'Joe, do you distrust Americans so much that you need to know when they buy a couch?' GOP Senator Cynthia Lummis hammers Biden's proposal for banks to report every transaction over $600 to the IRS
Wyoming Republican Sen. Cynthia Lummis tore into Treasury Sec. Janet Yellen on Tuesday for her support of a Biden proposal to require banks to hand over transaction data over $600 on individual bank accounts.
'Banks do not work for the IRS,' Lummis said. 'This is invasive of privacy. Wyoming's people literally will find alternatives to traditional banks just to thwart IRS access to their personal information, not because they're trying to hide anything, but because they are not willing to share everything.'
The senator asked Yellen if she was 'aware how unnecessary this regulatory burden is?'
'Do you distrust the American people so much that you need to know when they bought a couch?' Lummis asked. 'Or a cow?'
'I am astounded by what you're supporting and proposing. I think it's invasive. I think privacy for individuals is being ignored. And I think that treating the American people like they are subjects of the government is unconscionable.'
Yellen told Lummis that she believes the senator is misunderstanding the proposal, as it requires banks to hand over the IRS data on aggregate inflows and outflows of an account for transactions over $600, rather than details on each individual transaction.
Yellen noted that the tax gap is expected to swell to $7 trillion over the next decade, roughly 15% of taxes owed.
The IRS would know how much money is in an individual's bank account in a given year, whether the individual earned income on that account and exactly how much was going in an and out.
The deep dive into financial transactions would be funded by allocating an additional $80 billion to the IRS.
'Banks do not work for the IRS,' Sen. Cynthia Lummis said. 'This is invasive of privacy'
Yellen noted that the tax gap is expected to swell to $7 trillion over the next decade
'The IRS has a wealth of information about individuals,' she added.
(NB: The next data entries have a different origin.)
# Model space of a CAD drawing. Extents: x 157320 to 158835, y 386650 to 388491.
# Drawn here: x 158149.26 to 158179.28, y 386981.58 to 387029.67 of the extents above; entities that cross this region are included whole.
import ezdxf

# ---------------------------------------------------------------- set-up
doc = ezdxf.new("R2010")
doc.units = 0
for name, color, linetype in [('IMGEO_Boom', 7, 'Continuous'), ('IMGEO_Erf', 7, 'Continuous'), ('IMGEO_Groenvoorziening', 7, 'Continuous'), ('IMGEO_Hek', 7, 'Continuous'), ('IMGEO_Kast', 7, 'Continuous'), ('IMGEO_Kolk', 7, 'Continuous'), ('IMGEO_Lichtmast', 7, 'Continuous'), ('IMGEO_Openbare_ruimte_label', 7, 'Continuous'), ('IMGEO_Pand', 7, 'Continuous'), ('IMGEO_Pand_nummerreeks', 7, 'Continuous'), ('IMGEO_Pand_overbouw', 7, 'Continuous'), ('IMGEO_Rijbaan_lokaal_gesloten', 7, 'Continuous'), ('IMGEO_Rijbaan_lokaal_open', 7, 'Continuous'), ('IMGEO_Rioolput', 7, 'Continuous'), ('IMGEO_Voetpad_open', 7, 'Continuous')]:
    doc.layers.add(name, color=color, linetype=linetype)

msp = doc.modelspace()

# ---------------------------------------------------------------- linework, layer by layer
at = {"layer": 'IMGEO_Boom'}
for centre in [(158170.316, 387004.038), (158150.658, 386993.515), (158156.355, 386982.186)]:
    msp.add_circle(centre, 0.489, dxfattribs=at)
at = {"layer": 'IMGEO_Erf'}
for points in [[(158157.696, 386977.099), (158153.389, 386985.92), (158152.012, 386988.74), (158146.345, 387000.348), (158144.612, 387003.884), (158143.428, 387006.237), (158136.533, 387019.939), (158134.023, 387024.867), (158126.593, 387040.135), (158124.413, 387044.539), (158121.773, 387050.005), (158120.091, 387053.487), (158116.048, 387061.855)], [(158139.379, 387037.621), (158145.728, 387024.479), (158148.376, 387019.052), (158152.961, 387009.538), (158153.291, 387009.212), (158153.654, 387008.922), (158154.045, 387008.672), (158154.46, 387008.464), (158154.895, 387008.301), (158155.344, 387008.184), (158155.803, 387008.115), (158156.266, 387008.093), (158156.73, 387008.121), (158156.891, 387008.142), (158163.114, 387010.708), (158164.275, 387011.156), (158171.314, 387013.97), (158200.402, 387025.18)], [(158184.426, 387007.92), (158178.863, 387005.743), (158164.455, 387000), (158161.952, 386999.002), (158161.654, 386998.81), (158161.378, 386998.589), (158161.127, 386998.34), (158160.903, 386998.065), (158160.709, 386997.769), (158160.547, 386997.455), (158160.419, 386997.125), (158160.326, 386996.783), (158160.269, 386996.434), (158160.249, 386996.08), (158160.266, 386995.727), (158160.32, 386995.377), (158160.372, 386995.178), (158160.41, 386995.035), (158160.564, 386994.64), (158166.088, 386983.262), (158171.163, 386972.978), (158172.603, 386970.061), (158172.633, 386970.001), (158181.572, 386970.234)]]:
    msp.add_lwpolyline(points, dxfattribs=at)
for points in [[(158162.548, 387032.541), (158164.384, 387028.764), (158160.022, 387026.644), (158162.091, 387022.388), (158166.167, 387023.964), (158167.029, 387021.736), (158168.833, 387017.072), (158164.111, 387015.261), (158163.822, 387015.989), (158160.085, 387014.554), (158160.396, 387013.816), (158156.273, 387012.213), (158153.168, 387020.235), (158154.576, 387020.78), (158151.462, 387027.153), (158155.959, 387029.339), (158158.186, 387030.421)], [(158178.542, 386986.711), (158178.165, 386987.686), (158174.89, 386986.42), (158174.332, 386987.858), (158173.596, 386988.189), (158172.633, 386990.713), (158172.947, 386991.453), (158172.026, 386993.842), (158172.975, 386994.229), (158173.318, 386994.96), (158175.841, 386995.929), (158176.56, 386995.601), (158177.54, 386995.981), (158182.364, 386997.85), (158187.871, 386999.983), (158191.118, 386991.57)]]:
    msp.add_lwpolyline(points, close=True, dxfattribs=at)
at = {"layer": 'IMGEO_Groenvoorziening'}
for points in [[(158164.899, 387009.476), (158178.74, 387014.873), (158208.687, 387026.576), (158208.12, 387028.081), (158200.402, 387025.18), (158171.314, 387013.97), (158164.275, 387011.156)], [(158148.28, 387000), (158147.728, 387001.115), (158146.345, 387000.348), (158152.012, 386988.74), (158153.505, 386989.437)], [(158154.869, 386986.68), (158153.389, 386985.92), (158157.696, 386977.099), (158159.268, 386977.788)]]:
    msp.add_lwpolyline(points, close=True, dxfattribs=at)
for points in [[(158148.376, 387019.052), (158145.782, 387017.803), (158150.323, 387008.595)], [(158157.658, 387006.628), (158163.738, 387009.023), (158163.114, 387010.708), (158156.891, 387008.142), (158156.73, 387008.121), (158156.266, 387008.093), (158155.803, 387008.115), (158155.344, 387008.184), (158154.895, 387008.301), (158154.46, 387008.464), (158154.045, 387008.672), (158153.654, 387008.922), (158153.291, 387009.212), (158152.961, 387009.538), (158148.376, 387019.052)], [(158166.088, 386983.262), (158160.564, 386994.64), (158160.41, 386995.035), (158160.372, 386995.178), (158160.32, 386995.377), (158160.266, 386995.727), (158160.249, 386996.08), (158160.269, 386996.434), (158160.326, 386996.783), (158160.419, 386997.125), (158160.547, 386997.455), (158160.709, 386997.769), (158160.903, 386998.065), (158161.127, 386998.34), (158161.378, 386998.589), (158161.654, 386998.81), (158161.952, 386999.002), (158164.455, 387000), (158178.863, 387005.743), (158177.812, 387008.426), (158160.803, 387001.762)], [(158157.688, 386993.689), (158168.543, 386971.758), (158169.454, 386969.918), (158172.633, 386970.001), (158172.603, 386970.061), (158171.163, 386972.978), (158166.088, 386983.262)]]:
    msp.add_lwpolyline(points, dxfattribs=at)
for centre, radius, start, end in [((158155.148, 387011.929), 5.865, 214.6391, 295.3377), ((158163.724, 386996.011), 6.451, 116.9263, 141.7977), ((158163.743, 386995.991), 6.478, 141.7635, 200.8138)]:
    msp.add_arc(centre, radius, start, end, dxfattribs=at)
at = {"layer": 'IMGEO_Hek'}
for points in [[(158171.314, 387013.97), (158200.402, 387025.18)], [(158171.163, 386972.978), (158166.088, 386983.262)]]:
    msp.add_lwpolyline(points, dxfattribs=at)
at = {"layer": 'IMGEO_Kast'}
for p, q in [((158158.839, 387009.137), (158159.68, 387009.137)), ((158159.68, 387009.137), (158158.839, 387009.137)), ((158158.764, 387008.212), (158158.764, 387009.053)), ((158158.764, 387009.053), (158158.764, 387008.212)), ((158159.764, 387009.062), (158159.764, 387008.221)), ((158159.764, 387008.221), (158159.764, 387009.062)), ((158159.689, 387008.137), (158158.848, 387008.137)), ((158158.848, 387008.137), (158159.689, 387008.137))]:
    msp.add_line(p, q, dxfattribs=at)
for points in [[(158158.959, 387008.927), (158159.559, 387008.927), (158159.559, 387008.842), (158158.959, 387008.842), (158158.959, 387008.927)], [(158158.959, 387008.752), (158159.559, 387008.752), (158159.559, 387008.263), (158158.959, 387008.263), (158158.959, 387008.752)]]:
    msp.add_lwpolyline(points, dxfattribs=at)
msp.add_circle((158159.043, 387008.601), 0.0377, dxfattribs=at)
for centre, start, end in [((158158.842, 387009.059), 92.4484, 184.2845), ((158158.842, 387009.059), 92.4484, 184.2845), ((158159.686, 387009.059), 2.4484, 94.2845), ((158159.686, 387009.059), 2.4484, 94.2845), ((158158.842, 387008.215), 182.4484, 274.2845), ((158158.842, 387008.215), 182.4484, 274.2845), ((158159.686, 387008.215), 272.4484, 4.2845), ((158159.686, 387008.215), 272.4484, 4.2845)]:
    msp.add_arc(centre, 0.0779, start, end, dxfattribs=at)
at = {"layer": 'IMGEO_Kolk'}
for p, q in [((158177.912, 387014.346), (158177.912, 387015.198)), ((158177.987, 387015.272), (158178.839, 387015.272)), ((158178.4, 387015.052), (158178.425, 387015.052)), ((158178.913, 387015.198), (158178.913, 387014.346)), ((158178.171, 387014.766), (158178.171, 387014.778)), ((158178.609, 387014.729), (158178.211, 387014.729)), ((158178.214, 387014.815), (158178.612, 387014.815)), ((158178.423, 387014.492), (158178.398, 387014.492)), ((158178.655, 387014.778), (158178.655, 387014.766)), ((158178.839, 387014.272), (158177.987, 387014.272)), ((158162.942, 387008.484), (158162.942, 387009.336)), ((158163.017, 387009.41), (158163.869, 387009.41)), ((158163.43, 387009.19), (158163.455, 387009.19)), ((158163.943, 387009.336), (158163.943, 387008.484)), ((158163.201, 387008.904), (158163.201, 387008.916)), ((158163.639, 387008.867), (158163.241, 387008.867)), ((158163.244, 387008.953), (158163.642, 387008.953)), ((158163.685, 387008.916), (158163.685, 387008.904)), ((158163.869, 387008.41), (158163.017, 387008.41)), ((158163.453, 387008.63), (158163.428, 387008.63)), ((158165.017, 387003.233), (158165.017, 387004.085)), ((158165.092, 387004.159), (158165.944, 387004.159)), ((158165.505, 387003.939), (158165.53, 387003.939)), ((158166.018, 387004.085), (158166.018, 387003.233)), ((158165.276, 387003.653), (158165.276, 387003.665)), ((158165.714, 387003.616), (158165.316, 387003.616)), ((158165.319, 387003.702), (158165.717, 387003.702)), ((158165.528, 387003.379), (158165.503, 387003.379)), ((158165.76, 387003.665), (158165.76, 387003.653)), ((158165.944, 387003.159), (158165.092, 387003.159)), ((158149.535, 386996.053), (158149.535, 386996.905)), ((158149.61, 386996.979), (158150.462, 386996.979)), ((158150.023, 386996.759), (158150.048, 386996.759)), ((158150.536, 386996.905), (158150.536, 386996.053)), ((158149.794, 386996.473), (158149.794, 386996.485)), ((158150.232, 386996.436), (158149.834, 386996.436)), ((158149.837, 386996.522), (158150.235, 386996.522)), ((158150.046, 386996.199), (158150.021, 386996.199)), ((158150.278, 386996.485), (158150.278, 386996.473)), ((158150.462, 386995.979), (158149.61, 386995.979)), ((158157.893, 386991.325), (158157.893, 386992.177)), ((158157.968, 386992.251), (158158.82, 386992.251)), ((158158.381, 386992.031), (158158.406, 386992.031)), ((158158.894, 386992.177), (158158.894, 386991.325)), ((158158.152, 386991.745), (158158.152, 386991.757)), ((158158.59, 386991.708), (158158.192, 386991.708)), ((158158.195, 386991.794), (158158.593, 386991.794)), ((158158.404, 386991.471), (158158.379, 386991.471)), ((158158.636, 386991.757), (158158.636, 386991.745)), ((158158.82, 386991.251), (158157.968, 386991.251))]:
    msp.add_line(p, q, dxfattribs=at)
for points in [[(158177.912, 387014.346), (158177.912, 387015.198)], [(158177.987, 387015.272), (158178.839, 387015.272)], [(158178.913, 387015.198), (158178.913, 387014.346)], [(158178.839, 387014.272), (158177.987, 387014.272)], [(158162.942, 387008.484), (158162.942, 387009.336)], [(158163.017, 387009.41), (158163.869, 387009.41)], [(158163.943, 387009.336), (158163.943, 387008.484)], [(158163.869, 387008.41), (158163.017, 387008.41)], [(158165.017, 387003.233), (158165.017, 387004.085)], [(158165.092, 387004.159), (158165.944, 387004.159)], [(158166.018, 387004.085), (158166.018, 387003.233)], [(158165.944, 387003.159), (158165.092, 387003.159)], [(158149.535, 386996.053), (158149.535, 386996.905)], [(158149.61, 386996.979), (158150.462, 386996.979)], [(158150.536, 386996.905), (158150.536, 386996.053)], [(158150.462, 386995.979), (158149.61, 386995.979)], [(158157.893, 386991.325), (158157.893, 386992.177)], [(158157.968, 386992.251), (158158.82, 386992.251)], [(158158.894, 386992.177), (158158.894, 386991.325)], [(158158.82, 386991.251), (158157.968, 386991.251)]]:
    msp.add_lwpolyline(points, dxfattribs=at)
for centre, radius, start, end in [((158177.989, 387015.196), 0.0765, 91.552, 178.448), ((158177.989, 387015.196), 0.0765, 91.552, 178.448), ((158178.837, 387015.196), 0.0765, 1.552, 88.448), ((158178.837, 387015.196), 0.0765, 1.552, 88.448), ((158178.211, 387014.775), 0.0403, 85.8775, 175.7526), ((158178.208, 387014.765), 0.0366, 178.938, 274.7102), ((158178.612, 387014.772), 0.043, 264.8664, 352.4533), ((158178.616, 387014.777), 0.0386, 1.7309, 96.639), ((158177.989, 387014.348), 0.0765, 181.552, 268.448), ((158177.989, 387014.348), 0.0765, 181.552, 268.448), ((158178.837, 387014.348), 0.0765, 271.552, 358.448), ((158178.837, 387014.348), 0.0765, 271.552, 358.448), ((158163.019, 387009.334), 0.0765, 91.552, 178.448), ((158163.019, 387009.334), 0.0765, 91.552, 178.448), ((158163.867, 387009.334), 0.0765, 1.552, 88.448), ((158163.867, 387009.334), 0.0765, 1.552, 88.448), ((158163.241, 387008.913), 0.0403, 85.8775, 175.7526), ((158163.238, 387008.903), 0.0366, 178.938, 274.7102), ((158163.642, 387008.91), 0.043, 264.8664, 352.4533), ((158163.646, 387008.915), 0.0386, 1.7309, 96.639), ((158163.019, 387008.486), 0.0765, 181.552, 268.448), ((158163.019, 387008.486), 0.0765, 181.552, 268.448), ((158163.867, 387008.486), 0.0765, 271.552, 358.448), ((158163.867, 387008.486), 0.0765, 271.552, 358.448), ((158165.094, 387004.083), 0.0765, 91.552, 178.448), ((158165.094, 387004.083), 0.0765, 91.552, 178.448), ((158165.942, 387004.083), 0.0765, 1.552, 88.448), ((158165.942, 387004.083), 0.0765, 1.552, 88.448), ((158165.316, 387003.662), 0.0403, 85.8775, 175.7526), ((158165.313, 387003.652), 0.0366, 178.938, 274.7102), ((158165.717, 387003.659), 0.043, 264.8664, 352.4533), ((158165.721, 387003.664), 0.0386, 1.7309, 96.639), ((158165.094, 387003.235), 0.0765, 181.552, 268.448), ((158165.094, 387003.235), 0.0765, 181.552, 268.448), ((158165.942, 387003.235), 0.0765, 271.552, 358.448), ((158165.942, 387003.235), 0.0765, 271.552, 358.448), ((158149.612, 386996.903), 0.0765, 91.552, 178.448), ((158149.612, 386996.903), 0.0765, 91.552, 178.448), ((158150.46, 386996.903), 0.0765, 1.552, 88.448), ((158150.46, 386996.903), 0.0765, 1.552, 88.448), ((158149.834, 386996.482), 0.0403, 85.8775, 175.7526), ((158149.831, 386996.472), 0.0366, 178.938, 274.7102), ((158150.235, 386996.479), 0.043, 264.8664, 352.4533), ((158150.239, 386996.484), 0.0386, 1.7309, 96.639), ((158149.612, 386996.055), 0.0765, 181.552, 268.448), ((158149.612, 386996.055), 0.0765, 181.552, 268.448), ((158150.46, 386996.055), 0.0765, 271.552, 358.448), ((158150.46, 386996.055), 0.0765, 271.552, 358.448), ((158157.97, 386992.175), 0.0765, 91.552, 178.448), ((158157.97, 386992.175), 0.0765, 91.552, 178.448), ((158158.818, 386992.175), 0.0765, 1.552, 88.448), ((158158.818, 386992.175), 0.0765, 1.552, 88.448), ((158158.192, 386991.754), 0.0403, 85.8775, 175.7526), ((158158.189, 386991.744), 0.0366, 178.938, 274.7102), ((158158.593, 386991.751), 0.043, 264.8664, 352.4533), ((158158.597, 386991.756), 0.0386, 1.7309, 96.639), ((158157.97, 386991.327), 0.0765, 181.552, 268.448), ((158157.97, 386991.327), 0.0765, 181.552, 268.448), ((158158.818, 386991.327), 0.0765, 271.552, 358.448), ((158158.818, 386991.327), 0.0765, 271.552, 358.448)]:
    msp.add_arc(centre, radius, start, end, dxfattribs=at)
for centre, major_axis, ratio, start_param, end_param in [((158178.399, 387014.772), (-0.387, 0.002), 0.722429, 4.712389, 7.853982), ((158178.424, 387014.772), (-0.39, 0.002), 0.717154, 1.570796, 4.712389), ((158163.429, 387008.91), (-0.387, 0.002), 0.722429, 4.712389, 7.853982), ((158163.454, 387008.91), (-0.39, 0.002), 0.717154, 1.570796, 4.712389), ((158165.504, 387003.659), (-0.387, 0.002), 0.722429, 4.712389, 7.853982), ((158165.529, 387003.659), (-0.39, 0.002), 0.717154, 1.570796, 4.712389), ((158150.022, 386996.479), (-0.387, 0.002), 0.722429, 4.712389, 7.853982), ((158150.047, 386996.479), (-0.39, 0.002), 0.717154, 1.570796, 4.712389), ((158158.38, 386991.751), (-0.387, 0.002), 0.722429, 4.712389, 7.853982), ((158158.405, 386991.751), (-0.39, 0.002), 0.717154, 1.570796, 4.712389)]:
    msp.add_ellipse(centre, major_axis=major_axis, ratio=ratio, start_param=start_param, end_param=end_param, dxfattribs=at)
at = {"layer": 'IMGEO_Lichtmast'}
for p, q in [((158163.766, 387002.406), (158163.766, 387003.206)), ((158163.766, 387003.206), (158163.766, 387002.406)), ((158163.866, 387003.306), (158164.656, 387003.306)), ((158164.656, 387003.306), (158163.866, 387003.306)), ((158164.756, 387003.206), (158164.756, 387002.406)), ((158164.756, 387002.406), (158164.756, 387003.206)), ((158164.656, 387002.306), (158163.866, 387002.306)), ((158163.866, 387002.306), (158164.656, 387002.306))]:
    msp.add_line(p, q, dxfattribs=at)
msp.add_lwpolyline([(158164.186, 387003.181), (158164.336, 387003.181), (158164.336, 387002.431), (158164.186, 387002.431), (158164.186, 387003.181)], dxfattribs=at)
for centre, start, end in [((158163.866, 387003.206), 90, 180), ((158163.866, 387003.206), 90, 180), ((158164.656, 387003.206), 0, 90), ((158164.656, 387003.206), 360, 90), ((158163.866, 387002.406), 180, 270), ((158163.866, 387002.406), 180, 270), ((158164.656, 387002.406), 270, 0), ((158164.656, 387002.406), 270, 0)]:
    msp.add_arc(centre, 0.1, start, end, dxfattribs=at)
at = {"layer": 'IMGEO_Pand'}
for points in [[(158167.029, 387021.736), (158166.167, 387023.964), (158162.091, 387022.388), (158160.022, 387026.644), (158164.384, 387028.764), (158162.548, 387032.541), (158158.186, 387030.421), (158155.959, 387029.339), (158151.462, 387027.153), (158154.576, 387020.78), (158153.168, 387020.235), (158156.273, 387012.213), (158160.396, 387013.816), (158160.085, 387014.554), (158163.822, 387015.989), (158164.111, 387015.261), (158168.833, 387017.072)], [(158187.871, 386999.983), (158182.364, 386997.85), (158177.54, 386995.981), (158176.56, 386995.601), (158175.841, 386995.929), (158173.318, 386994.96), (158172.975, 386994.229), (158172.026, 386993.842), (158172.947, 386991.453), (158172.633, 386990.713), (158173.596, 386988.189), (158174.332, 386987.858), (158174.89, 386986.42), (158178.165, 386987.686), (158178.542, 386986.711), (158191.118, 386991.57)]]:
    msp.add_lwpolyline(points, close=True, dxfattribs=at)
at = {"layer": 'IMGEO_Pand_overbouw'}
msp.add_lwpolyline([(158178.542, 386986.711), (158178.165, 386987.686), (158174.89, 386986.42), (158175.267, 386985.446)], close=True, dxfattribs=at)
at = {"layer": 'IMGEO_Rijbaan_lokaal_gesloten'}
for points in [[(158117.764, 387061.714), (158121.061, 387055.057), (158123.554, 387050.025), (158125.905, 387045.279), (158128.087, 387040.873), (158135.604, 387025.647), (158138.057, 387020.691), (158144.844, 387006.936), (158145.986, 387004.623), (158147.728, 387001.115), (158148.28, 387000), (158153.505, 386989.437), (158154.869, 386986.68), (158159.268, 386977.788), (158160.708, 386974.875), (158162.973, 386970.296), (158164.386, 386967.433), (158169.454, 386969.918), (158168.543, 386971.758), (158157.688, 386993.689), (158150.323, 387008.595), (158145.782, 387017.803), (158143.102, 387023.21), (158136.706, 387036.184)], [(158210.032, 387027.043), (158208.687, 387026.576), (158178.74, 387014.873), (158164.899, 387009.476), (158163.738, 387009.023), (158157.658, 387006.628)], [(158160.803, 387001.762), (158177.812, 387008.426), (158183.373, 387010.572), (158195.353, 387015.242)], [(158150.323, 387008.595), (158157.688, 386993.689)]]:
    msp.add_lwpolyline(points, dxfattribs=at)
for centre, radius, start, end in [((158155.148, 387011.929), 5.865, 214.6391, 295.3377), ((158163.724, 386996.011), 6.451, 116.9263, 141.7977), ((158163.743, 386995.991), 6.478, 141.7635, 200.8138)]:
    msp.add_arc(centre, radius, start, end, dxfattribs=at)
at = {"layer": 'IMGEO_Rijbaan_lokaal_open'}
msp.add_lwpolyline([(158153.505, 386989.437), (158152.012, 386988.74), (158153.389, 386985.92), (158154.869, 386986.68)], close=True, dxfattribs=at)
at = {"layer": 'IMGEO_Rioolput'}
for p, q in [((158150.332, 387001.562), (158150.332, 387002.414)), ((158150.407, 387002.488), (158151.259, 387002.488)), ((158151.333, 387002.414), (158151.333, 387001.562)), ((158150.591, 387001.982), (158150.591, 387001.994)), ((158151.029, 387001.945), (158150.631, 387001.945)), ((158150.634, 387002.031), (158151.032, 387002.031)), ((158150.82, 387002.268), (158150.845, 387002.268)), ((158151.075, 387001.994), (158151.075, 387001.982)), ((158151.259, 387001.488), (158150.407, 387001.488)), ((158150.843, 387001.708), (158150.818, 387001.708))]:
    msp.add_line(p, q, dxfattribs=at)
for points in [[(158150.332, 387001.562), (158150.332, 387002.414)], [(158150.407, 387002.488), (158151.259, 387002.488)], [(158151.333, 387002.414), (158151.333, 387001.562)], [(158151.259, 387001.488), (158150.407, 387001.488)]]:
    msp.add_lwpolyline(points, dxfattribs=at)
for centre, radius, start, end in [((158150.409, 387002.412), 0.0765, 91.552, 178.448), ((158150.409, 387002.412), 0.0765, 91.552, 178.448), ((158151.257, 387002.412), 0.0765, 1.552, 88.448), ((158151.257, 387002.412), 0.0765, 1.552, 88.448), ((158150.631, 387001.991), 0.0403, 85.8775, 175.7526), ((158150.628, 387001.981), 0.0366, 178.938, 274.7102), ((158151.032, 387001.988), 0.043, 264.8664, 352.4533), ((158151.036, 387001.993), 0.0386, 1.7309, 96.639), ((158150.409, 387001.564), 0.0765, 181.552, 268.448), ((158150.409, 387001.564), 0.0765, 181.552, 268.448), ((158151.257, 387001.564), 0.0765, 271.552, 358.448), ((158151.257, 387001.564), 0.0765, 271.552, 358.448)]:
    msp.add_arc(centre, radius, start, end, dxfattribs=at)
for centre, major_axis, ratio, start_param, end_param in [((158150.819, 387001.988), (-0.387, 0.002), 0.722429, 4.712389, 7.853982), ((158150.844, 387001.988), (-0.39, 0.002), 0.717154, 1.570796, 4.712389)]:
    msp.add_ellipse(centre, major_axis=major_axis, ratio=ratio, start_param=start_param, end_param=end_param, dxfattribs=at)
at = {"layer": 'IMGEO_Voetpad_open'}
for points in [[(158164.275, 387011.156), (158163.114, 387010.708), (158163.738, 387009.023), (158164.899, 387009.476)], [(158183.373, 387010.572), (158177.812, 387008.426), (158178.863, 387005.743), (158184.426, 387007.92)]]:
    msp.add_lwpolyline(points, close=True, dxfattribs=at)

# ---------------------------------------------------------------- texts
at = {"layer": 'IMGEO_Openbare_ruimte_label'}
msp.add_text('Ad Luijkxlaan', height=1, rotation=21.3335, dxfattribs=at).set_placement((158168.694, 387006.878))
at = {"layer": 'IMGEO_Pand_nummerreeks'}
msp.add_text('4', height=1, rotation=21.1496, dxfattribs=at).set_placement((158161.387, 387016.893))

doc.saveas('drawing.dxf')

Yellen said the proposal would target high earners who have 'opaque sources of income.'
'A $600 threshold is not usually where you're going to find the massive amount of tax data you think Americans are cheating you out of,' the Wyoming Republican shot back.
'That's true but it's important to have comprehensive information,' Yellen said.
The proposal would require banks to report gross inflows and outflows to the IRS, including transactions from Venmo, PayPal, crypto exchanges and the like in an effort to fight tax evasion.
The IRS estimates that compliance on taxes due on wages is 99% while compliance on 'less visible' sources of income is only 45%.
The Treasury Department claimed that the plan would have little effect on 'already compliant' taxpayers, but would help the IRS better target its audits.
'For noncompliant taxpayers, this regime would encourage voluntary compliance as evaders realize that the risk of evasion being detected has risen noticeably,' the Treasury Department said.
This crackdown on unreported income is expected to generate $460 billion over the next decade, according to the Office of Tax Analysis.
Biden, Treasury Secretary Janet Yellen, IRS chief Charles Rettig - a Trump-era holdover - and a number of Democrats in the Senate, most especially Elizabeth Warren are pushing for the proposal to help fund their $3.5 trillion budget plan.
Other parts of the plan include setting up a global minimum corporate tax rate of 15% and a system that prevents multinational companies from registering profits in the lowest-tax jurisdictions and raising taxes on the rich.
Some moderate Democrats are leery of the IRS proposal, and those on the House Ways and Means Committee are reportedly working to bring that $600 threshold up to $10,000. Banks are already required to file a currency transaction report to the financial crimes division of the Treasury on transactions over $10,000 to prevent money laundering.
'We've made some significant movement on the number,' House Ways and Means Committee Chairman Richard Neal told Bloomberg Monday.
Neal said congressional staff were looking at ways to 'ameliorate legitimate concerns' that the data collection could target lower income taxpayers.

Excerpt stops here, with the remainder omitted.